PRO Instruments Used for Patients With CH-C
A large number of HRQOL instruments (SF-36, CLDQ-HCV, EQ-5D, sickness impact profile, Hepatitis Quality of Life Questionnaire, Liver Disease Quality of Life Index), Utility instruments (Health utility Index Mark 2 and 3, SF6D) and fatigue questionnaires (Fatigue screening score, Chronic Fatigue Screener, FACIT-F) have been used to assess PROs in CH-C patients, however, we will focus on the most widely used and validated instruments (Table 1).[24–45] These include the Short Form-36 version 2 (SF-36v2), the chronic liver disease questionnaire for Hepatitis C (CLDQ-HCV), the functional assessment of chronic illness (FACIT-F), the work productivity and activity impairment questionnaire: specific health problem (WPAI:SHP) and SF6D utility scores.[24–27]
The SF-36v2 is a widely used generic instrument for HRQOL evaluation.[24] The SF-36v2 assesses eight HRQOL scales (scores range from 0–100 with higher values corresponding to a better health status): physical functioning (PF), role physical (RP), bodily pain (BP), general health (GH), vitality (VT), social functioning (SF), role emotional (RE) and mental health (MH) along with two summary scores which summarise the physical [physical component summary score (PCS)] and mental health [mental component summary score (MCS)] components of SF-36. Scores can be compared to established U.S. population norms.[24]
The CLDQ-HCV is another widely used and validated HRQOL instrument developed specifically for the assessment of HRQOL in HCV patients.[32] CLDQ-HCV includes four HRQOL domains: activity and energy (AE), emotional (EM), worry (WO), and systemic (SY). There are domain scores and total CLDQ-HCV score which ranges 1–7 with higher values representing better HRQOL.[24,32]
The FACIT-F is a 40-item PRO questionnaire which evaluates fatigue and its impact upon daily activities.[26] The scoring scheme includes physical (PWB), emotional (EWB), social (SWB) and functional (FWB) well-being domains as well as the fatigue subscale domain (FS). These five scales together add up to the total FACIT-F score which range from 0 to 160 with higher values representing better well-being.[26]
Finally, the WPAI:SHP questionnaire is a validated PRO instrument where participants are asked to evaluate impairment in their daily activities and work productivity associated with a specific health problem.[27] Patients with HCV are specifically asked about the impact their HCV infection has on their work productivity and ability to perform daily activities other than work. Higher impairment scores indicate poorer health status: the minimum possible value of 0 represents no impairment in work productivity or daily activities while the value of 1 represents complete inability to work or perform those activities.[27]

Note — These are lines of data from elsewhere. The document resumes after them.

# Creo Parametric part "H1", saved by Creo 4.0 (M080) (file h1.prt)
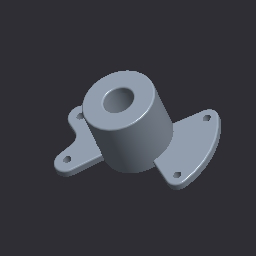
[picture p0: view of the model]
Units: Inch lbm Second (Pro/E Default); INCH, POUND, SECS

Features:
  1. datum plane "DTM1"
  2. datum plane "DTM2"
  3. datum plane "DTM3"
  4. protrusion
  5. protrusion
  6. protrusion
  7. round
  8. hole
  9. round
  10. hole
  11. hole
  12. hole
  13. hole
  14. cut

Layers: BASE_DAT, BLANK

Surfaces: 20 cylinder, 11 plane, 10 torus

Health utilities are defined as cardinal values representing the strength of an individual's preferences for specific health-related outcomes–0 is death and 1 is perfect health. Measuring health utilities involves two main steps: defining a set of health states of interest and valuing those health states.[37–39,36] Health utilities can be assessed indirectly (example: Health Utility Index Mark 1 and 2) or directly (Standard gamble, Time-Trade-Off). These measurements are typically used in cost effectiveness analysis to quality adjust outcomes and provide quality adjusted years of life (QALYs) to compare different interventions. One of the most commonly used tools is the SF-6D which was developed as a result of tying the economic impact of a disease process with a patients' quality of life (QALY's). The SF-6D is scored on a scale of 0–1 with 0 being death and 1 being perfect health. It is derived from the SF-36 where the SF-36 is revised into a six dimensional health state classification called the SF-6D. It is important to note that the algorithm used to score the SF-36 is country specific thus making the SF-6D country specific. To generalise study results across countries, the scores must be normalised. Currently, the SF-36 scores have been translated into 170 languages allowing for the normalisation of scores for multinational comparisons[40–42] (http://www.optum.com/optum-outcomes/what-we-do/health-survey-translation.html).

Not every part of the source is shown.